++++ PROVIDED INFORMATION

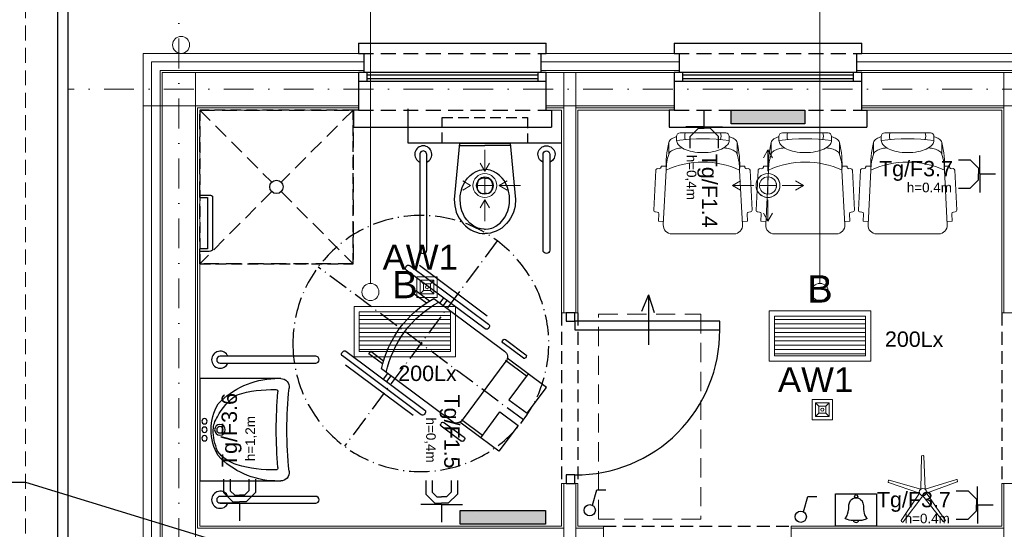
# Model space of a CAD drawing. Header units: inches. Extents: x 45159 to 108059, y -33626 to -17950.
# Tile 13 of 38: x 49653 to 50230, y -18590 to -18291. Entities that reach past the tile are written whole.
import ezdxf
from ezdxf.enums import TextEntityAlignment as Align

# ---------------------------------------------------------------- set-up
doc = ezdxf.new("R2010")
doc.units = ezdxf.units.IN
doc.header["$MEASUREMENT"] = 0
for name, pattern in [('ACAD_ISO10W100', [18.5, 12, -3, 0.5, -3]), ('DASHDOT', [1, 0.5, -0.25, 0, -0.25]), ('HIDDEN', [0.375, 0.25, -0.125])]:
    doc.linetypes.add(name, pattern=pattern)
for name, color, linetype in [('## 04 grzejniki opis', 3, 'Continuous'), ('2      PRZYCISKI I ŁĄCZNIKI', 5, 'Continuous'), ('A10-łazienka', 7, 'Continuous'), ('A35-rura spustowa', 7, 'Continuous'), ('A36-obrzeże', 252, 'Continuous'), ('E_gniazda', 240, 'Continuous'), ('IE_ośw PRZYCISKI I ŁĄCZNIKI', 5, 'Continuous'), ('p--drzwi', 7, 'Continuous'), ('p--okna', 251, 'Continuous'), ('p--opisy dodatkowe', 7, 'Continuous'), ('p--podciąg', 251, 'Continuous'), ('p--wyłaz', 251, 'Continuous')]:
    doc.layers.add(name, color=color, linetype=linetype)
for name, color, linetype, lineweight in [('--proj.wentylacja', 113, 'Continuous', 0), ('A21b-ściana szkielet', 3, 'Continuous', 20), ('A8-opisy pomieszczeń', 7, 'Continuous', 0), ('E-opisy', 240, 'Continuous', 25), ('LUXIONA', 140, 'Continuous', 20), ('p-- ocieplenie-w.zew', 251, 'Continuous', 0), ('p--dach', 7, 'Continuous', 30), ('p--meble wyp.', 251, 'Continuous', 0), ('p--osie konstr', 7, 'DASHDOT', 15), ('p--płyta GK', 251, 'Continuous', 0), ('p--łazienka NP', 7, 'Continuous', 25), ('p--ściana szkielet', 251, 'Continuous', 0)]:
    doc.layers.add(name, color=color, linetype=linetype, lineweight=lineweight)
doc.styles.add('Arial', font='arial.ttf', dxfattribs={"width": 0.75})
doc.styles.add('GENERATED_STYLE_2', font='arial.ttf')
doc.styles.get("Standard").update_dxf_attribs({"font": 'ARIAL.TTF', "width": 0.75})
doc.linetypes.add('BATTING', pattern='A,0.0001,-0.1,[134,ltypeshp.shx,S=0.1,R=0,X=-0.1,Y=0],-0.2,[134,ltypeshp.shx,S=0.1,R=180,X=0.1,Y=0],-0.1', length=0.4001)

# ---------------------------------------------------------------- blocks, each defined once
blk = doc.blocks.new('znak-niepeł.')
at = {"linetype": 'ACAD_ISO10W100'}
for p, q in [((-44.78, 60.17), (44.78, -60.17)), ((-60.11, -44.74), (60.22, 44.82))]:
    blk.add_line(p, q, dxfattribs=at)
for p, q in [((6.52, 45.77), (-39.7, 11.37)), ((0.79, 45.85), (-38.86, 16.34)), ((-37.65, 8.61), (8.58, 43.01)), ((8.84, 44.81), (8.33, 45.5)), ((-4.98, 24.9), (3.02, 30.85)), ((4.08, 29.42), (-3.37, 23.87)), ((3.02, 30.85), (4.08, 29.42)), ((-7.61, 26.43), (-49, -4.38)), ((-15.26, 25.27), (-13.09, 22.35)), ((-13.28, 26.74), (-11.11, 23.83)), ((-39.96, 9.56), (-39.45, 8.87)), ((-49.51, 2.46), (-61.55, -6.5)), ((-60.06, -8.5), (-48.02, 0.46)), ((-47.85, 1.66), (-48.31, 2.28)), ((43.94, -4.5), (-2.29, -38.9)), ((29.35, -4.53), (21.9, -10.08)), ((30.42, -5.96), (29.35, -4.53)), ((46.26, -5.46), (45.74, -4.77)), ((-62.91, -17.73), (-50.66, -8.62)), ((-61.88, -19.11), (-49.64, -10)), ((-61.72, -7.7), (-61.26, -8.32)), ((-49.89, -10.39), (-24.28, -44.8)), ((-0.23, -41.66), (45.99, -7.26)), ((22.42, -11.92), (30.42, -5.96)), ((-18.26, -45.68), (23.13, -14.88)), ((44.14, -12.41), (4.49, -41.92)), ((-73.54, -25.65), (-62.91, -17.73)), ((-62.91, -17.73), (-51.63, -32.88)), ((17.65, -18.95), (20.1, -22.24)), ((19.63, -17.48), (22.08, -20.77)), ((-62.26, -40.8), (-73.54, -25.65)), ((-51.63, -32.88), (-62.26, -40.8)), ((-46.32, -40.01), (-56.96, -47.93)), ((-35.05, -55.17), (-46.32, -40.01)), ((-36.07, -53.79), (-23.83, -44.68)), ((-35.05, -55.17), (-22.8, -46.05)), ((-25.39, -55.09), (-13.35, -46.13)), ((-2.55, -40.71), (-2.04, -41.4)), ((-56.96, -47.93), (-45.68, -63.08)), ((-11.86, -48.13), (-23.9, -57.09)), ((-12.15, -46.31), (-11.68, -46.93)), ((-45.68, -63.08), (-35.05, -55.17)), ((-25.1, -56.91), (-25.56, -56.29))]:
    blk.add_line(p, q)
blk.add_circle((0.05, 0.04), 75, dxfattribs=at)
for centre, radius, start, end in [((7.29, 44.73), 1.29, 36.65703, 126.65703), ((7.81, 44.04), 1.29, 306.65703, 36.65703), ((-40.29, -29.99), 61.95, 12.09956, 61.21451), ((-37.44, -27.86), 61.95, 12.09956, 61.21451), ((-38.93, 10.33), 1.29, 126.65703, 216.65703), ((-38.42, 9.64), 1.29, 216.65703, 306.65703), ((-49, 1.77), 0.86, 36.65703, 126.65703), ((-48.54, 1.15), 0.86, 306.65703, 36.65703), ((-46.44, -7.83), 4.3, 126.65703, 216.65703), ((44.71, -5.54), 1.29, 36.65703, 126.65703), ((45.22, -6.23), 1.29, 306.65703, 36.65703), ((-61.03, -7.19), 0.86, 126.65703, 216.65703), ((-60.57, -7.81), 0.86, 216.65703, 306.65703), ((-1.52, -39.94), 1.29, 126.65703, 216.65703), ((-20.83, -42.23), 4.3, 216.65703, 306.65703), ((-12.84, -46.82), 0.86, 36.65703, 126.65703), ((-1, -40.63), 1.29, 216.65703, 306.65703), ((-12.37, -47.44), 0.86, 306.65703, 36.65703), ((-24.87, -55.78), 0.86, 126.65703, 216.65703), ((-24.41, -56.4), 0.86, 216.65703, 306.65703)]:
    blk.add_arc(centre, radius, start, end)
blk = doc.blocks.new('sedes')
for p, q in [((0, 0.1491), (0.33, 0.18)), ((0.33, 0.18), (0.3664, 0.177)), ((0.3664, 0.177), (0.385, 0.1731)), ((0, -0.1495), (0, 0.1495)), ((0.015, 0.1462), (0.015, 0)), ((0.2384, 0.1236), (0.2219, 0.1141)), ((0.2598, 0.1328), (0.2384, 0.1236)), ((0.2815, 0.1393), (0.2598, 0.1328)), ((0.3097, 0.144), (0.2815, 0.1393)), ((0.332, 0.145), (0.3097, 0.144)), ((0.3544, 0.1436), (0.332, 0.145)), ((0.3755, 0.14), (0.3544, 0.1436)), ((0.3961, 0.1343), (0.3755, 0.14)), ((0.385, 0.1731), (0.4036, 0.1674)), ((0.4178, 0.1254), (0.3961, 0.1343)), ((0.4036, 0.1674), (0.4218, 0.1599)), ((0.4309, 0.1185), (0.4178, 0.1254)), ((0.4218, 0.1599), (0.4394, 0.1507)), ((0.4501, 0.1055), (0.4309, 0.1185)), ((0.4394, 0.1507), (0.456, 0.1397)), ((0.456, 0.1397), (0.4714, 0.1273)), ((0.4714, 0.1273), (0.4853, 0.1135)), ((0.1759, 0.0688), (0.1659, 0.0504)), ((0.189, 0.086), (0.1759, 0.0688)), ((0.205, 0.1016), (0.189, 0.086)), ((0.2219, 0.1141), (0.205, 0.1016)), ((0.4682, 0.089), (0.4501, 0.1055)), ((0.4756, 0.0805), (0.4682, 0.089)), ((0.4871, 0.0639), (0.4756, 0.0805)), ((0.4853, 0.1135), (0.4974, 0.0985)), ((0.4944, 0.0496), (0.4871, 0.0639)), ((0.4974, 0.0985), (0.5076, 0.0827)), ((0.5076, 0.0827), (0.5159, 0.0663)), ((0.5159, 0.0663), (0.5223, 0.0495)), ((0.1564, 0.0184), (0.155, 0)), ((0.1593, 0.0318), (0.1564, 0.0184)), ((0.1659, 0.0504), (0.1593, 0.0318)), ((0.2058, 0), (0.2058, 0.01)), ((0.2408, 0.045), (0.2604, 0.045)), ((0.2954, 0.01), (0.2954, 0)), ((0.4981, 0.0404), (0.4944, 0.0496)), ((0.503, 0.0217), (0.4981, 0.0404)), ((0.5049, 0.0034), (0.503, 0.0217)), ((0.505, 0), (0.5049, 0.0034)), ((0.5223, 0.0495), (0.5266, 0.0328)), ((0.5266, 0.0328), (0.5292, 0.0162)), ((0.5292, 0.0162), (0.53, 0)), ((0.015, -0.1462), (0.015, 0)), ((0.1564, -0.0184), (0.155, 0)), ((0.1593, -0.0318), (0.1564, -0.0184)), ((0.1659, -0.0504), (0.1593, -0.0318)), ((0.1759, -0.0688), (0.1659, -0.0504)), ((0.2058, 0), (0.2058, -0.01)), ((0.2408, -0.045), (0.2604, -0.045)), ((0.2954, -0.01), (0.2954, 0)), ((0.4944, -0.0496), (0.4871, -0.0639)), ((0.4981, -0.0404), (0.4944, -0.0496)), ((0.503, -0.0217), (0.4981, -0.0404)), ((0.5049, -0.0034), (0.503, -0.0217)), ((0.505, 0), (0.5049, -0.0034)), ((0.5159, -0.0663), (0.5223, -0.0495)), ((0.5223, -0.0495), (0.5266, -0.0328)), ((0.5266, -0.0328), (0.5292, -0.0162)), ((0.5292, -0.0162), (0.53, 0)), ((0.189, -0.086), (0.1759, -0.0688)), ((0.205, -0.1016), (0.189, -0.086)), ((0.2219, -0.1141), (0.205, -0.1016)), ((0.2384, -0.1236), (0.2219, -0.1141)), ((0.4501, -0.1055), (0.4309, -0.1185)), ((0.4682, -0.089), (0.4501, -0.1055)), ((0.4756, -0.0805), (0.4682, -0.089)), ((0.4714, -0.1273), (0.4853, -0.1135)), ((0.4871, -0.0639), (0.4756, -0.0805)), ((0.4853, -0.1135), (0.4974, -0.0985)), ((0.4974, -0.0985), (0.5076, -0.0827)), ((0.5076, -0.0827), (0.5159, -0.0663)), ((0, -0.1491), (0.33, -0.18)), ((0.2598, -0.1328), (0.2384, -0.1236)), ((0.2815, -0.1393), (0.2598, -0.1328)), ((0.3097, -0.144), (0.2815, -0.1393)), ((0.332, -0.145), (0.3097, -0.144)), ((0.3544, -0.1436), (0.332, -0.145)), ((0.3755, -0.14), (0.3544, -0.1436)), ((0.3664, -0.177), (0.385, -0.1731)), ((0.3961, -0.1343), (0.3755, -0.14)), ((0.385, -0.1731), (0.4036, -0.1674)), ((0.4178, -0.1254), (0.3961, -0.1343)), ((0.4036, -0.1674), (0.4218, -0.1599)), ((0.4309, -0.1185), (0.4178, -0.1254)), ((0.4218, -0.1599), (0.4394, -0.1507)), ((0.4394, -0.1507), (0.456, -0.1397)), ((0.456, -0.1397), (0.4714, -0.1273)), ((0.33, -0.18), (0.3664, -0.177))]:
    blk.add_line(p, q)
for centre, start, end in [((0.2408, 0.01), 90, 180), ((0.2604, 0.01), 0, 90), ((0.2408, -0.01), 180, 270), ((0.2604, -0.01), 270, 0)]:
    blk.add_arc(centre, 0.035, start, end)
blk = doc.blocks.new('umyw-niepeł.')
for p, q in [((-30, -47.5), (-30, 0)), ((-30, 0), (30, 0)), ((30, 0), (30, -47.5))]:
    blk.add_line(p, q)
for centre, radius in [((-5, -2.81), 1.56), ((0, -2.81), 1.56), ((5, -2.81), 1.56), ((0, -11.88), 3.12), ((0, -11.88), 1.87)]:
    blk.add_circle(centre, radius)
for centre, radius, start, end in [((17.88, -45.46), 47.9, 133.60282, 178.32254), ((7.86, -41), 34.18, 116.69987, 146.17065), ((-0.15, -36.46), 29.75, 89.71221, 120.29764), ((0, -20.47), 12.5, 90, 126.8699), ((0.15, -36.46), 29.75, 59.70236, 90.28779), ((0.1, -39.96), 31.99, 67.19624, 90.1839), ((-0.98, -28.44), 22.46, 16.72528, 53.1301), ((-17.88, -45.46), 47.9, 1.67746, 46.39718), ((48, -42.57), 71.56, 163.27472, 181.68748), ((-48, -42.57), 71.56, 358.31252, 16.72528), ((-22.28, -44.64), 1.25, 181.68748, 276.54919), ((0, -295.23), 250.33, 89.99917, 95.07317), ((0, -295.23), 250.33, 84.92683, 90.00083), ((22.28, -44.64), 1.25, 263.45081, 358.31252), ((-25, -47.5), 5, 180, 277.71277), ((0, -278.94), 227.79, 83.86892, 96.13108), ((25, -47.5), 5, 262.28723, 0)]:
    blk.add_arc(centre, radius, start, end)
blk = doc.blocks.new('drzwi-90-100')
for p, q in [((10.1, 87.38), (5.05, 87.38)), ((5.05, 87.38), (5.05, 2.53)), ((10.1, 2.53), (10.1, 87.38)), ((5.05, 2.53), (0, 2.53)), ((0, 2.53), (0, -2.53)), ((5.05, -2.53), (5.05, 2.53)), ((5.05, 2.53), (10.1, 2.53)), ((100, 2.53), (94.95, 2.53)), ((94.95, 2.53), (94.95, -2.53)), ((100, -2.53), (100, 2.53)), ((0, -2.53), (5.05, -2.53)), ((94.95, -2.53), (100, -2.53))]:
    blk.add_line(p, q)
blk.add_arc((10.8, 3.23), 84.15, 359.52334, 90.47666)
blk = doc.blocks.new('strzałka')
for q in [(-19.45, 4.13), (0, 0), (-18.87, -3.25)]:
    blk.add_line((-29.28, 0), q)
blk = doc.blocks.new('okno-110-33.15')
at = {"linetype": 'Continuous', "ltscale": 35}
for p, q in [((0, 39.15), (110, 39.15)), ((-3, -10), (113, -10))]:
    blk.add_line(p, q, dxfattribs=at)
for p, q in [((0, 39.15), (0, 33.15)), ((110, 33.15), (110, 39.15)), ((3, 33.15), (3, 21.95)), ((107, 21.95), (107, 33.15)), ((5, 21.95), (0, 21.95)), ((0, 21.95), (0, 16.95)), ((0, 21.95), (0, 0)), ((105, 21.95), (5, 21.95)), ((5, 16.95), (5, 21.95)), ((5, 20.61), (105, 20.61)), ((5, 18.45), (105, 18.45)), ((110, 21.95), (105, 21.95)), ((105, 21.95), (105, 16.95)), ((110, 0), (110, 21.95)), ((110, 16.95), (110, 21.95)), ((0, 16.95), (5, 16.95)), ((5, 16.95), (105, 16.95)), ((105, 16.95), (110, 16.95)), ((-3, 0), (-3, -10)), ((0, 0), (-3, 0)), ((110, 0), (113, 0)), ((113, 0), (113, -10))]:
    blk.add_line(p, q)
at = {"linetype": 'HIDDEN', "ltscale": 35}
for p, q in [((0, 33.15), (110, 33.15)), ((0, 0), (110, 0))]:
    blk.add_line(p, q, dxfattribs=at)
blk = doc.blocks.new('sof11_r')
for p, q in [((19.98, 34.88), (19.38, 34.85)), ((19.38, 34.85), (19.53, 31.85)), ((20.87, 36.93), (20.93, 35.93)), ((45.17, 39.11), (21.82, 37.98)), ((46.23, 38.16), (46.28, 37.16)), ((51.6, 36.44), (47.33, 36.22)), ((51.6, 36.44), (51.76, 33.45)), ((12.61, 30.34), (5.61, 30.34)), ((53.8, 33.56), (21.8, 31.85)), ((0, 23.76), (0, -3.09)), ((2, 25.76), (4.37, 25.76)), ((59.07, -7.89), (59.07, 28.56)), ((2, -5.09), (4.37, -5.09)), ((12.61, -9.66), (5.61, -9.66)), ((19.38, -14.18), (19.53, -11.18)), ((53.8, -12.88), (21.8, -11.18)), ((19.98, -14.21), (19.38, -14.18)), ((20.87, -16.26), (20.93, -15.26)), ((45.17, -18.43), (21.82, -17.31)), ((46.23, -17.49), (46.28, -16.49)), ((51.6, -15.77), (47.33, -15.54)), ((51.6, -15.77), (51.76, -12.78))]:
    blk.add_line(p, q)
for points in [[(2.23, 25.76, -0.030204), (2.78, 27.41, -0.097163), (4.32, 29.79, -0.203453), (5.61, 30.34, -0.203453)], [(8.71, 22.55, -0.01879), (8.95, 24.41, -0.054131), (9.78, 27.41, -0.097163), (11.32, 29.79, -0.203453), (12.61, 30.34, -0.203453)], [(4.37, -5.09, 0.184283), (6.75, -4.18, 0.102242), (9.43, -0.57, 0.061197), (10.93, 4.08, 0.047488), (11.52, 10.34, 0.047488), (10.93, 16.59, 0.061197), (9.43, 21.24, 0.102242), (6.75, 24.85, 0.184283), (4.37, 25.76, 0.184283)], [(2.23, -5.09, 0.030204), (2.78, -6.74, 0.097163), (4.32, -9.12, 0.203453), (5.61, -9.66, 0.203453)], [(8.71, -1.88, 0.01879), (8.95, -3.74, 0.054131), (9.78, -6.74, 0.097163), (11.32, -9.12, 0.203453), (12.61, -9.66, 0.203453)]]:
    blk.add_lwpolyline(points, format="xyb")
for centre, radius, start, end in [((19.93, 35.88), 1, 273.04478, 3.04478), ((21.87, 36.99), 1, 93.04478, 183.04478), ((45.23, 38.11), 1, 3.04478, 93.04478), ((47.28, 37.21), 1, 183.04478, 273.04478), ((18.77, -22.91), 54.85, 86.83081, 103.88055), ((21.41, 5.61), 26.24, 89.1562, 109.59965), ((68.33, 10.34), 51.27, 155.1826, 204.8174), ((54.07, 28.56), 5, 0, 93.04478), ((2, 23.76), 2, 90, 180), ((122.88, 10.34), 119.5, 172.58553, 187.41447), ((1.91, 14.05), 6.89, 73.91414, 106.08586), ((1.91, 6.62), 6.89, 253.91414, 286.08586), ((2, -3.09), 2, 180, 270), ((18.77, 43.58), 54.85, 256.11945, 273.16919), ((21.41, 15.06), 26.24, 250.40035, 270.8438), ((54.07, -7.89), 5, 266.95522, 0), ((19.93, -15.21), 1, 356.95522, 86.95522), ((21.87, -16.31), 1, 176.95522, 266.95522), ((47.28, -16.54), 1, 86.95522, 176.95522), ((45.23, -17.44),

++++++++

**PROMPT**
Reproduce, character for character, only the lines of the preceding data that start at the line with "blk.add_arc(centre, 0.035, start, end)" and end at the line with "blk.add_circle(centre, radius)", both included.

**SOLUTION**
    blk.add_arc(centre, 0.035, start, end)
blk = doc.blocks.new('umyw-niepeł.')
for p, q in [((-30, -47.5), (-30, 0)), ((-30, 0), (30, 0)), ((30, 0), (30, -47.5))]:
    blk.add_line(p, q)
for centre, radius in [((-5, -2.81), 1.56), ((0, -2.81), 1.56), ((5, -2.81), 1.56), ((0, -11.88), 3.12), ((0, -11.88), 1.87)]:
    blk.add_circle(centre, radius)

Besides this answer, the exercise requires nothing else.